La Terre pourrait réagir plus fortement que prévu aux tempêtes solaires les plus intenses.
Une étude publiée dans Nature remet en cause l’existence d’un « plafond » qui semblait limiter les perturbations géomagnétiques induites par les tempêtes les plus intenses. Ce résultat concerne directement l’évaluation des risques pour les satellites, les communications et certains réseaux électriques.
Lorsque le vent solaire devenait très puissant, les courants électriques de la haute atmosphère semblaient paradoxalement cesser d’augmenter. La magnétosphère paraissait donc amortir une partie supplémentaire de l’énergie reçue.

Image credit: ESA & NASA
Un tel plafond aurait été plutôt rassurant. Il aurait signifié qu’au-delà d’une certaine intensité, une tempête solaire plus forte ne produirait pas proportionnellement davantage d’effets près de la Terre, au sol comme en orbite. Plusieurs mécanismes physiques avaient été proposés pour expliquer cette protection apparente, sans qu’un consensus ne soit établi.

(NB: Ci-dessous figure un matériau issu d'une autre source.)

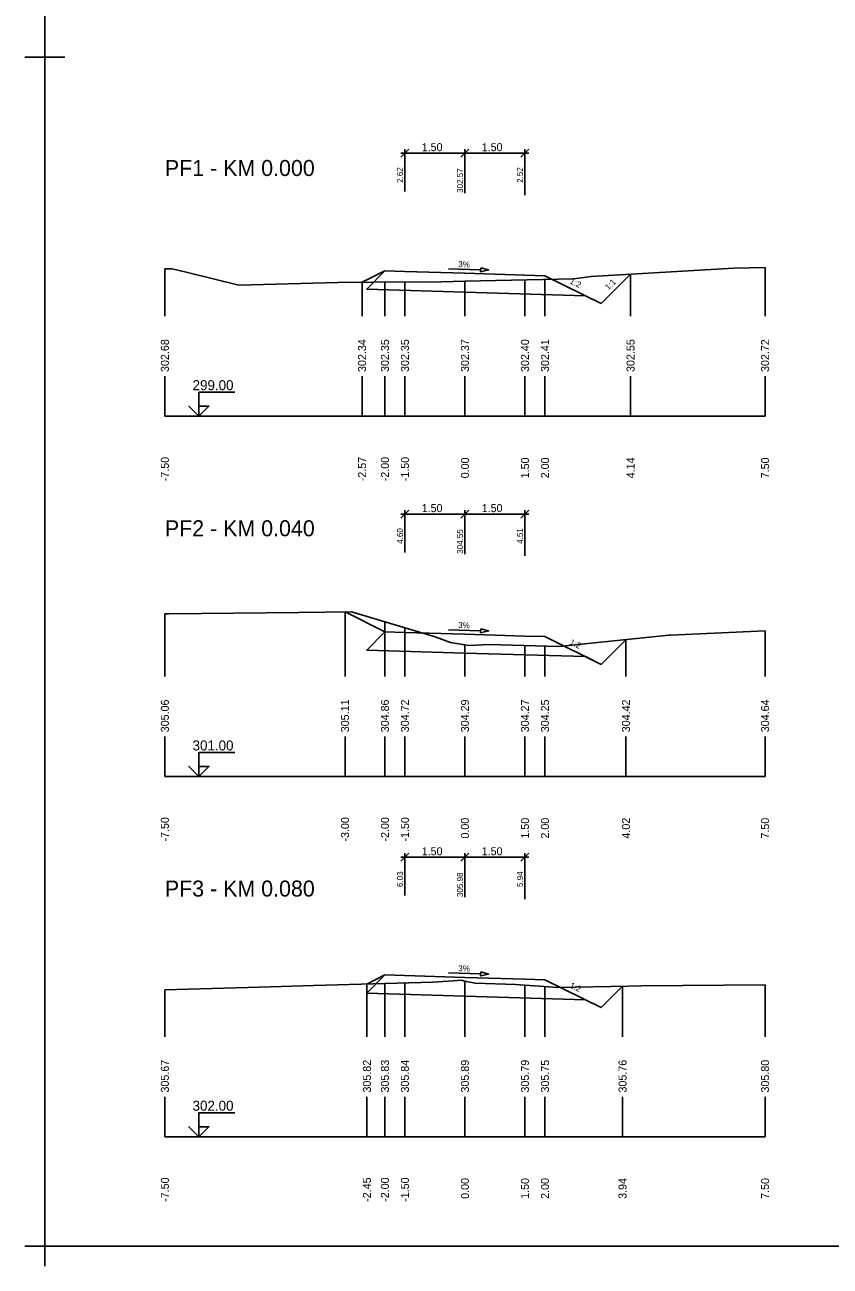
# Model space of a CAD drawing. Extents: x -5 to 1265, y -2 to 602.
# Drawn here: x -5 to 196.3, y -2.3 to 307.8 of the extents above; entities that cross this region are included whole.
import ezdxf

# ---------------------------------------------------------------- set-up
doc = ezdxf.new("R2010")
doc.units = 0
for name, color, linetype in [('KOTA', 7, 'Continuous'), ('KOTA_DELKY', 7, 'Continuous'), ('KOTA_DELKY_CONT', 7, 'Continuous'), ('NS_TELESO_VOZOVKY', 7, 'Continuous'), ('NS_V_PF', 7, 'Continuous'), ('REZY_PF_PUVODNI', 7, 'Continuous'), ('SESTAVY_REZU_PF', 7, 'Continuous'), ('SKLON', 7, 'Continuous'), ('SVK', 7, 'Continuous')]:
    doc.layers.add(name, color=color, linetype=linetype)

msp = doc.modelspace()

# ---------------------------------------------------------------- linework, layer by layer
for p, q in [((0, 304.67), (0, 294.67)), ((0, 304.67), (0, 294.67)), ((0, 304.67), (0, 294.67)), ((0, 304.67), (0, 294.67)), ((0, 304.67), (0, 294.67)), ((0, 304.67), (0, 294.67)), ((0, 304.67), (0, 294.67)), ((0, 304.67), (0, 294.67)), ((0, 304.67), (0, 294.67)), ((0, 304.67), (0, 294.67)), ((0, 304.67), (0, 294.67)), ((0, 304.67), (0, 294.67)), ((0, 304.67), (0, 294.67)), ((0, 304.67), (0, 294.67)), ((0, 304.67), (0, 294.67)), ((0, 304.67), (0, 294.67)), ((0, 304.67), (0, 294.67)), ((0, 304.67), (0, 294.67)), ((0, 304.67), (0, 294.67)), ((0, 304.67), (0, 294.67)), ((0, 304.67), (0, 294.67)), ((0, 304.67), (0, 294.67)), ((0, 304.67), (0, 294.67)), ((0, 304.67), (0, 294.67)), ((0, 304.67), (0, 294.67)), ((0, 304.67), (0, 294.67)), ((0, 304.67), (0, 294.67)), ((0, 304.67), (0, 294.67)), ((0, 304.67), (0, 294.67)), ((0, 304.67), (0, 294.67)), ((0, 304.67), (0, 294.67)), ((0, 304.67), (0, 294.67)), ((0, 304.67), (0, 294.67)), ((0, 304.67), (0, 294.67)), ((0, 304.67), (0, 294.67)), ((0, 304.67), (0, 294.67)), ((0, 304.67), (0, 294.67)), ((0, 304.67), (0, 294.67)), ((0, 304.67), (0, 294.67)), ((0, 304.67), (0, 294.67)), ((0, 304.67), (0, 294.67)), ((0, 304.67), (0, 294.67)), ((0, 304.67), (0, 294.67)), ((0, 304.67), (0, 294.67)), ((5, 299.67), (-5, 299.67)), ((5, 299.67), (-5, 299.67)), ((5, 299.67), (-5, 299.67)), ((5, 299.67), (-5, 299.67)), ((5, 299.67), (-5, 299.67)), ((5, 299.67), (-5, 299.67)), ((5, 299.67), (-5, 299.67)), ((5, 299.67), (-5, 299.67)), ((5, 299.67), (-5, 299.67)), ((5, 299.67), (-5, 299.67)), ((5, 299.67), (-5, 299.67)), ((5, 299.67), (-5, 299.67)), ((5, 299.67), (-5, 299.67)), ((5, 299.67), (-5, 299.67)), ((5, 299.67), (-5, 299.67)), ((5, 299.67), (-5, 299.67)), ((5, 299.67), (-5, 299.67)), ((5, 299.67), (-5, 299.67)), ((5, 299.67), (-5, 299.67)), ((5, 299.67), (-5, 299.67)), ((5, 299.67), (-5, 299.67)), ((5, 299.67), (-5, 299.67)), ((5, 299.67), (-5, 299.67)), ((5, 299.67), (-5, 299.67)), ((5, 299.67), (-5, 299.67)), ((5, 299.67), (-5, 299.67)), ((5, 299.67), (-5, 299.67)), ((5, 299.67), (-5, 299.67)), ((5, 299.67), (-5, 299.67)), ((5, 299.67), (-5, 299.67)), ((5, 299.67), (-5, 299.67)), ((5, 299.67), (-5, 299.67)), ((5, 299.67), (-5, 299.67)), ((5, 299.67), (-5, 299.67)), ((5, 299.67), (-5, 299.67)), ((5, 299.67), (-5, 299.67)), ((5, 299.67), (-5, 299.67)), ((5, 299.67), (-5, 299.67)), ((5, 299.67), (-5, 299.67)), ((5, 299.67), (-5, 299.67)), ((5, 299.67), (-5, 299.67)), ((5, 299.67), (-5, 299.67)), ((5, 299.67), (-5, 299.67)), ((5, 299.67), (-5, 299.67)), ((0, 7.67), (0, -2.33)), ((0, 7.67), (0, -2.33)), ((0, 7.67), (0, -2.33)), ((0, 7.67), (0, -2.33)), ((0, 7.67), (0, -2.33)), ((0, 7.67), (0, -2.33)), ((0, 7.67), (0, -2.33)), ((0, 7.67), (0, -2.33)), ((5, 2.67), (-5, 2.67)), ((5, 2.67), (-5, 2.67)), ((5, 2.67), (-5, 2.67)), ((5, 2.67), (-5, 2.67)), ((5, 2.67), (-5, 2.67)), ((5, 2.67), (-5, 2.67)), ((5, 2.67), (-5, 2.67)), ((5, 2.67), (-5, 2.67))]:
    msp.add_line(p, q)
msp.add_lwpolyline([(0, 596.67), (1260, 596.67), (1260, 2.67), (0, 2.67)], close=True)
at = {"layer": 'KOTA'}
for points in [[(38.51, 210), (36.01, 212.5), (38.51, 210), (38.51, 216), (47.51, 216)], [(38.51, 210), (41.01, 212.5), (38.51, 212.5), (38.51, 210)], [(38.51, 210), (41.01, 212.5), (38.51, 212.5)], [(38.51, 120), (36.01, 122.5), (38.51, 120), (38.51, 126), (47.51, 126)], [(38.51, 120), (41.01, 122.5), (38.51, 122.5), (38.51, 120)], [(38.51, 120), (41.01, 122.5), (38.51, 122.5)], [(38.51, 30), (36.01, 32.5), (38.51, 30), (38.51, 36), (47.51, 36)], [(38.51, 30), (41.01, 32.5), (38.51, 32.5), (38.51, 30)], [(38.51, 30), (41.01, 32.5), (38.51, 32.5)]]:
    msp.add_lwpolyline(points, dxfattribs=at)
at = {"layer": 'KOTA_DELKY'}
for points in [[(89, 274.7), (91, 276.7)], [(90, 266.15), (90, 276.7)], [(104, 274.7), (106, 276.7)], [(104, 274.7), (106, 276.7)], [(105, 265.7), (105, 276.7)], [(105, 265.7), (105, 276.7)], [(119, 274.7), (121, 276.7)], [(120, 265.25), (120, 276.7)], [(89, 275.7), (106, 275.7)], [(104, 275.7), (121, 275.7)], [(89, 184.54), (91, 186.54)], [(90, 175.99), (90, 186.54)], [(104, 184.54), (106, 186.54)], [(104, 184.54), (106, 186.54)], [(105, 175.54), (105, 186.54)], [(105, 175.54), (105, 186.54)], [(119, 184.54), (121, 186.54)], [(120, 175.09), (120, 186.54)], [(89, 185.54), (106, 185.54)], [(104, 185.54), (121, 185.54)], [(89, 98.81), (91, 100.81)], [(89, 99.81), (106, 99.81)], [(90, 90.26), (90, 100.81)], [(104, 98.81), (106, 100.81)], [(104, 98.81), (106, 100.81)], [(104, 99.81), (121, 99.81)], [(105, 89.81), (105, 100.81)], [(105, 89.81), (105, 100.81)], [(119, 98.81), (121, 100.81)], [(120, 89.36), (120, 100.81)]]:
    msp.add_lwpolyline(points, dxfattribs=at)
at = {"layer": 'NS_TELESO_VOZOVKY'}
for points in [[(105, 245.7), (120, 245.25), (125, 245.1), (139.01, 238.17), (135.11, 240.1), (105, 241), (80.44, 241.74), (85, 246.3), (90, 246.15), (105, 245.7)], [(105, 155.54), (120, 155.09), (125, 154.94), (139.01, 148.01), (135.11, 149.94), (105, 150.84), (80.44, 151.58), (85, 156.14), (90, 155.99), (105, 155.54)], [(105, 69.81), (120, 69.36), (125, 69.21), (139.01, 62.27), (135.11, 64.2), (105, 65.11), (80.44, 65.84), (85, 70.41), (90, 70.26), (105, 69.81)]]:
    msp.add_lwpolyline(points, dxfattribs=at)
at = {"layer": 'NS_V_PF'}
for points in [[(79.28, 243.44), (85, 246.3), (90, 246.15), (105, 245.7), (120, 245.25), (125, 245.1), (139.01, 238.17), (146.38, 245.46)], [(75.02, 161.13), (85, 156.14), (90, 155.99), (105, 155.54), (120, 155.09), (125, 154.94), (139.01, 148.01), (145.24, 154.17)], [(80.49, 68.15), (85, 70.41), (90, 70.26), (105, 69.81), (120, 69.36), (125, 69.21), (139.01, 62.27), (144.38, 67.59)]]:
    msp.add_lwpolyline(points, dxfattribs=at)
at = {"layer": 'REZY_PF_PUVODNI'}
for points in [[(30, 246.81), (31.76, 246.8), (33.2, 246.47), (35.63, 245.9), (48.46, 242.76), (73.22, 243.39), (81.88, 243.46), (99.16, 243.57), (105, 243.7), (132.21, 244.31), (136.52, 244.88), (172.17, 246.98), (180, 247.15)], [(30, 160.59), (30.98, 160.61), (63.51, 161), (76.61, 161.15), (97.54, 154.91), (101.42, 153.45), (105, 152.89), (105, 152.89), (106.01, 152.73), (111.08, 152.98), (128.42, 152.43), (155.93, 155.28), (156.34, 155.32), (180, 156.36)], [(30, 66.71), (53.63, 67.4), (67.13, 67.78), (96.93, 68.61), (102.08, 68.97), (104.02, 69.11), (105, 68.9), (105, 68.9), (107.58, 68.33), (117.66, 68.06), (128.18, 67.26), (145.91, 67.62), (149.16, 67.66), (180, 67.99)]]:
    msp.add_lwpolyline(points, dxfattribs=at)
at = {"layer": 'SESTAVY_REZU_PF'}
for points in [[(30, 210), (180, 210)], [(30, 120), (180, 120)], [(30, 30), (180, 30)]]:
    msp.add_lwpolyline(points, dxfattribs=at)
at = {"layer": 'SKLON'}
for points in [[(100.92, 246.82), (108.91, 246.58)], [(108.93, 247.08), (110.91, 246.52), (108.9, 246.08), (108.93, 247.08)], [(100.92, 156.66), (108.91, 156.42)], [(108.93, 156.92), (110.91, 156.36), (108.9, 155.92), (108.93, 156.92)], [(100.92, 70.93), (108.91, 70.69)], [(108.93, 71.19), (110.91, 70.63), (108.9, 70.19), (108.93, 71.19)]]:
    msp.add_lwpolyline(points, dxfattribs=at)
for points in [[(108.93, 247.08), (110.91, 246.52), (108.9, 246.08)], [(108.93, 156.92), (110.91, 156.36), (108.9, 155.92)], [(108.93, 71.19), (110.91, 70.63), (108.9, 70.19)]]:
    msp.add_lwpolyline(points, close=True, dxfattribs=at)
at = {"layer": 'SVK'}
for points in [[(30, 235), (30, 246.81)], [(146.38, 235), (146.38, 245.46)], [(180, 235), (180, 247.15)], [(79.28, 235), (79.28, 243.44)], [(85, 235), (85, 243.48)], [(90, 235), (90, 243.51)], [(105, 235), (105, 243.7)], [(120, 235), (120, 244.04)], [(125, 235), (125, 244.15)], [(30, 210), (30, 220)], [(79.28, 210), (79.28, 220)], [(85, 210), (85, 220)], [(90, 210), (90, 220)], [(105, 210), (105, 220)], [(120, 210), (120, 220)], [(125, 210), (125, 220)], [(146.38, 210), (146.38, 220)], [(180, 210), (180, 220)], [(30, 145), (30, 160.59)], [(75.02, 145), (75.02, 161.13)], [(85, 145), (85, 158.65)], [(90, 145), (90, 157.16)], [(180, 145), (180, 156.36)], [(105, 145), (105, 152.89)], [(120, 145), (120, 152.69)], [(125, 145), (125, 152.54)], [(145.24, 145), (145.24, 154.17)], [(30, 120), (30, 130)], [(75.02, 120), (75.02, 130)], [(85, 120), (85, 130)], [(90, 120), (90, 130)], [(105, 120), (105, 130)], [(120, 120), (120, 130)], [(125, 120), (125, 130)], [(145.24, 120), (145.24, 130)], [(180, 120), (180, 130)], [(85, 55), (85, 68.28)], [(90, 55), (90, 68.42)], [(105, 55), (105, 68.9)], [(30, 55), (30, 66.71)], [(80.49, 55), (80.49, 68.15)], [(120, 55), (120, 67.89)], [(125, 55), (125, 67.51)], [(144.38, 55), (144.38, 67.59)], [(180, 55), (180, 67.99)], [(30, 30), (30, 40)], [(80.49, 30), (80.49, 40)], [(85, 30), (85, 40)], [(90, 30), (90, 40)], [(105, 30), (105, 40)], [(120, 30), (120, 40)], [(125, 30), (125, 40)], [(144.38, 30), (144.38, 40)], [(180, 30), (180, 40)]]:
    msp.add_lwpolyline(points, dxfattribs=at)

# ---------------------------------------------------------------- texts
at = {"layer": 'KOTA'}
for s, p in [('299.00', (36.93, 216.5)), ('301.00', (36.93, 126.5)), ('302.00', (36.93, 36.5))]:
    msp.add_text(s, height=2.5, dxfattribs=at).set_placement(p)
at = {"layer": 'KOTA_DELKY'}
for p in [(94.19, 276.2), (109.19, 276.2), (94.19, 186.04), (109.19, 186.04), (94.19, 100.31), (109.19, 100.31)]:
    msp.add_text('1.50', height=2, dxfattribs=at).set_placement(p)
at = {"layer": 'KOTA_DELKY_CONT'}
for s, p in [('2.62', (89.5, 268.29)), ('302.57', (104.5, 265.78)), ('2.52', (119.5, 268.29)), ('4.60', (89.5, 178.13)), ('304.55', (104.5, 175.62)), ('4.51', (119.5, 178.13)), ('6.03', (89.5, 92.39)), ('5.94', (119.5, 92.39)), ('305.98', (104.5, 89.88))]:
    msp.add_text(s, height=1.5, rotation=90, dxfattribs=at).set_placement(p)
at = {"layer": 'SESTAVY_REZU_PF'}
for s, p in [('PF1 - KM 0.000', (30, 270)), ('PF2 - KM 0.040', (30, 180)), ('PF3 - KM 0.080', (30, 90))]:
    msp.add_text(s, height=4, dxfattribs=at).set_placement(p)
at = {"layer": 'SKLON'}
for s, rotation, p in [('3%', 358.2816, (103.29, 247.25)), ('1:2', 333.679, (131.04, 243.23)), ('1:1', 44.7149, (140.87, 241.41)), ('3%', 358.2816, (103.29, 157.09)), ('1:2', 333.679, (131.04, 153.07)), ('3%', 358.2816, (103.29, 71.36)), ('1:2', 333.679, (131.04, 67.33))]:
    msp.add_text(s, height=1.5, rotation=rotation, dxfattribs=at).set_placement(p)
at = {"layer": 'SVK'}
for s, p in [(' 302.68', (31, 220.3)), (' 302.34', (80.28, 220.3)), (' 302.35', (86, 220.3)), (' 302.35', (91, 220.3)), (' 302.37', (106, 220.3)), (' 302.40', (121, 220.3)), (' 302.41', (126, 220.3)), (' 302.55', (147.38, 220.3)), (' 302.72', (181, 220.3)), (' -7.50', (31, 193)), (' -2.57', (80.28, 193)), (' -2.00', (86, 193)), (' -1.50', (91, 193)), ('  0.00', (106, 193)), ('  1.50', (121, 193)), ('  2.00', (126, 193)), ('  4.14', (147.38, 193)), ('  7.50', (181, 193)), (' 305.06', (31, 130.3)), (' 305.11', (76.02, 130.3)), (' 304.86', (86, 130.3)), (' 304.72', (91, 130.3)), (' 304.29', (106, 130.3)), (' 304.27', (121, 130.3)), (' 304.25', (126, 130.3)), (' 304.42', (146.24, 130.3)), (' 304.64', (181, 130.3)), (' -7.50', (31, 103)), (' -3.00', (76.02, 103)), (' -2.00', (86, 103)), (' -1.50', (91, 103)), ('  0.00', (106, 103)), ('  1.50', (121, 103)), ('  2.00', (126, 103)), ('  4.02', (146.24, 103)), ('  7.50', (181, 103)), (' 305.67', (31, 40.3)), (' 305.82', (81.49, 40.3)), (' 305.83', (86, 40.3)), (' 305.84', (91, 40.3)), (' 305.89', (106, 40.3)), (' 305.79', (121, 40.3)), (' 305.75', (126, 40.3)), (' 305.76', (145.38, 40.3)), (' 305.80', (181, 40.3)), (' -7.50', (31, 13)), (' -2.45', (81.49, 13)), (' -2.00', (86, 13)), (' -1.50', (91, 13)), ('  0.00', (106, 13)), ('  1.50', (121, 13)), ('  2.00', (126, 13)), ('  3.94', (145.38, 13)), ('  7.50', (181, 13))]:
    msp.add_text(s, height=2, rotation=90, dxfattribs=at).set_placement(p)

doc.saveas('drawing.dxf')

Une équipe dirigée par Nithin Sivadas, du Goddard Space Flight Center de la NASA, estime désormais que ce plafond pourrait surtout provenir des incertitudes de mesure. Le vent solaire est généralement observé près du point de Lagrange L1, situé à environ 1.5 million de kilomètres en amont de la Terre.
Entre ce point et la magnétosphère, la vitesse, l’orientation et l’intensité du vent solaire peuvent évoluer. Sa durée de parcours reste également incertaine. Une valeur extrême mesurée à L1 peut donc être associée par erreur à une perturbation terrestre produite par un vent solaire réellement moins intense près de la Terre.
Les chercheurs ont corrigé ce biais statistique. Ils ont aussi étudié plus d’un million de mesures réalisées plus près de la Terre par plusieurs missions, dont MMS et THEMIS. Après correction, la réponse géomagnétique continue d’augmenter avec la force du vent solaire dans la plage couverte par les données.
L’absence de plafond apparent n’est donc pas une bonne nouvelle pour la protection des infrastructures. Elle indique que la magnétosphère ne réduit pas automatiquement les conséquences des événements extrêmes. Selon l’étude, l'impact pourrait atteindre environ deux fois les estimations issues des anciens modèles pour certaines intensités extrapolées.
Ce résultat ne signifie toutefois pas que les effets peuvent croître sans aucune limite physique. Les données deviennent insuffisantes au-delà d’un champ électrique du vent solaire d’environ 15 mV/m. Un plafond reste donc possible lors d’événements encore plus puissants, mais aucune preuve statistique ne l’établit actuellement.
Les modèles de météorologie spatiale devront mieux intégrer cette incertitude. Des observations supplémentaires, réalisées près de la magnétosphère pendant de fortes tempêtes sont nécessaires. Elles aideront à dimensionner les protections des satellites, des systèmes de navigation, des communications radio et des réseaux électriques exposés.